Estudiante de doctorado en Geografía de Rutgers University y visitante en Universidad del Valle.
08.12.2022
En Los Reyes del Mundo, la nueva película de la aclamada directora colombiana Laura Mora (Matar a Jesús (2017), Antes del Fuego (2015), El robo del siglo (2020), Pablo Escobar: El Patrón del Mal (2012), cinco jóvenes de las calles de Medellín parten en busca de una tierra prometida a través del conservador paisaje rural de Antioquia. Subvirtiendo los géneros de los pioneros y de las pandillas juveniles, el estilo autodenominado “épico-punk” de Mora desvela la necrópolis de una sociedad atada a la concentración de la tierra, al patriotismo y al extractivismo incesante. A través de actos comunitarios de cuidado y rebeldía, los chicos refutan y transforman la violencia extrema de la masculinidad colombiana. Siguiendo a la socióloga Rita Segato, Los Reyes del Mundo es un rechazo al mandato de la masculinidad. Una masculinidad caracterizada por la acumulación del capital, que castiga a quienes se niegan a “mostrar y demostrar que tienen la piel gruesa”.
Su viaje comienza huyendo en una bicicleta sin pedales de una pelea a machetazos en medio de una calle concurrida por carros y transeúntes. Ra, el joven de 19 años que lidera la banda que protagoniza la escena, recibe una carta en la que se le comunica que, gracias a la aprobación en 2011 de la Ley 1448, la Ley de Víctimas y Restitución de Tierras, es el destinatario de una pequeña finca propiedad de su abuela fallecida.
La cuestión de la tierra es inseparable de las historias de violencia que estructuran la sociedad colombiana, así como de la larga historia de lucha por la reivindicación y liberación territorial de las comunidades obreras, campesinas, afrocolombianas e indígenas de Colombia. En el discurso oficial, el Acuerdo de Paz de 2016 significaría la resolución pacífica del conflicto armado de más de cinco décadas entre el Estado y la guerrilla de las FARC. El Acuerdo iniciaría un nuevo período de reformas agrarias redistributivas y resolvería la violencia paramilitar y la narcoviolencia. El primer componente del Acuerdo de Paz fue el proyecto masivo de la Reforma Rural Integral basada en el mejoramiento de la vida de los campesinos de Colombia, de sus comunidades y de las personas expulsadas de la tierra debido al conflicto. Al menos tres millones de hectáreas serían retituladas a los campesinos, dando prioridad a las personas que habían sido despojadas por la violencia rural (cumpliendo con la Ley 1448 de 2011 que solo había redistribuido alrededor de uno de los tres millones de hectáreas). Estos terrenos, denominadas “tierras baldías”, están poblados en su mayoría por pequeños agricultores con poco poder institucional y sin títulos formales de propiedad. Seis años después de los acuerdos de paz, sólo se ha devuelto el 16 % de los 3 millones de hectáreas prometidas.

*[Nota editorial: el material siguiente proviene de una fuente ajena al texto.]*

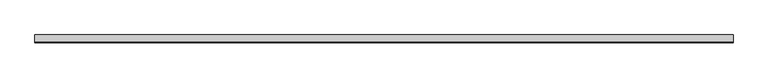
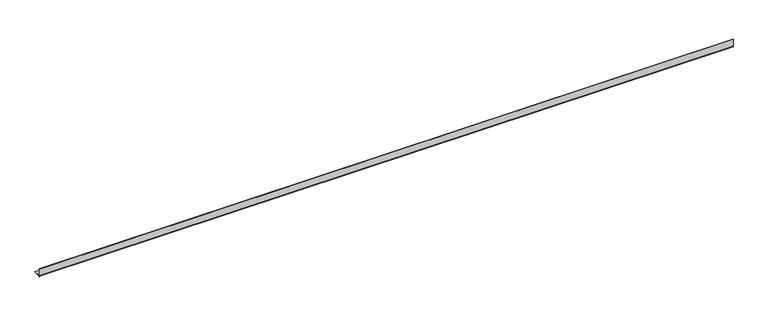
"""IFC4 building model written with IfcOpenShell, lengths in millimetres: proxy geometry, Metal profile006 2190 : Metal profile006 2190."""

from ifc_helpers import new_model, si_unit, point, frame, frame_2d, origin, place, context, project, spatial, polyline, circle_curve, trimmed, segment, composite_curve, outline, extrude, source, transform, mapped, element, save


def generic_models_1d1ee282(model_context):
    return source(origin(), model_context, "Body", "SweptSolid", [
        extrude(outline(composite_curve([segment(polyline([(9577.6300834, 39534.2760589), (9577.6300834, 39513.122875), (9598.7832673, 39513.122875), (9598.7832673, 39511.842875), (9577.8803576, 39511.842875)]), True, "CONTINUOUS"), segment(trimmed(circle_curve(frame_2d((9576.9900834, 39512.482875)), 1.0964434), [point((9577.8803576, 39511.842875))], [point((9576.3500834, 39513.3731492))], False, "CARTESIAN"), True, "CONTINUOUS"), segment(polyline([(9576.3500834, 39513.3731492), (9576.3500834, 39534.2760589), (9577.6300834, 39534.2760589)]), True, "CONTINUOUS")], self_intersect=False)), frame((3694.2883192, 0.0, 0.0), z_axis=(1.0, 0.0, 0.0), x_axis=(0.0, 1.0, 0.0)), (0.0, 0.0, 1.0), 2000.0),
    ])


if __name__ == "__main__":
    model = new_model("IFC4")
    model_context = context("Model", 3, world=origin())
    ifc_project = project(units=[si_unit("LENGTHUNIT", "METRE", prefix="MILLI")], contexts=[model_context])
    site = spatial("IfcSite", under=ifc_project)
    building = spatial("IfcBuilding", under=site)
    placement = place(None, origin())
    generic_models_shape = generic_models_1d1ee282(model_context)
    element("IfcBuildingElementProxy", 1, Name="Metal profile006 2190 : Metal profile006 2190", ObjectType="Metal profile006 2190 : Metal profile006 2190", at=placement, inside=building, context=model_context, shape_type="MappedRepresentation", body=[
        mapped(generic_models_shape, transform((0.0, 0.0, 0.0), x_axis=(1.0, 0.0, 0.0), y_axis=(0.0, 1.0, 0.0), z_axis=(0.0, 0.0, 1.0))),
    ])
    save(model, "model.ifc")

# Revit data of these elements
# Type "Metal profile006 2190 : Metal profile006 2190"
#   NameOverride = "Metal profile006"
# Element 1 (IfcBuildingElementProxy, "Metal profile006 2190 : Metal profile006 2190")
#   Materials on its faces: "CORNER BEAD"
# Materials
#   "CORNER BEAD": class "Unassigned", colour RGB 255 241 0, transparency 0

El proceso legal de redistribución de tierras se ha visto obstaculizado una y otra vez debido a una combinación de inacción gubernamental (totalmente saboteado durante la administración de Iván Duque), la violencia paramilitar, y la expansión del extractivismo minero y agroindustrial en las “fronteras” agrícolas de Colombia con el fin de controlar los antiguos territorios en los que operaban las FARC. El conflicto se ha prolongado, y las represalias contra líderes sociales de distintos sectores ha aumentado a un ritmo vertiginoso. En julio de 2020, los proyectos de reinversión y reincorporación del gobierno habían llegado a menos del 30 % de los excombatientes. Las masacres de exmiembros de las FARC también se han disparado, rememorando el exterminio de los y las integrantes del partido político Unión Patriótica en los años 80. Además, aunque los acuerdos afirmaban que el Estado proporcionaría alternativas viables para los campesinos que producen cultivos comerciales de coca y marihuana, el Programa de Sustitución de Cultivos de Uso Ilícito (PNIS) ha fracasado, con escaso apoyo material, sumado a la persistencia de la erradicación forzada de los cultivos. Quinientos años después de los conquistadores, el robo y la extracción de tierras siguen siendo una de las contradicciones centrales de la sociedad colombiana.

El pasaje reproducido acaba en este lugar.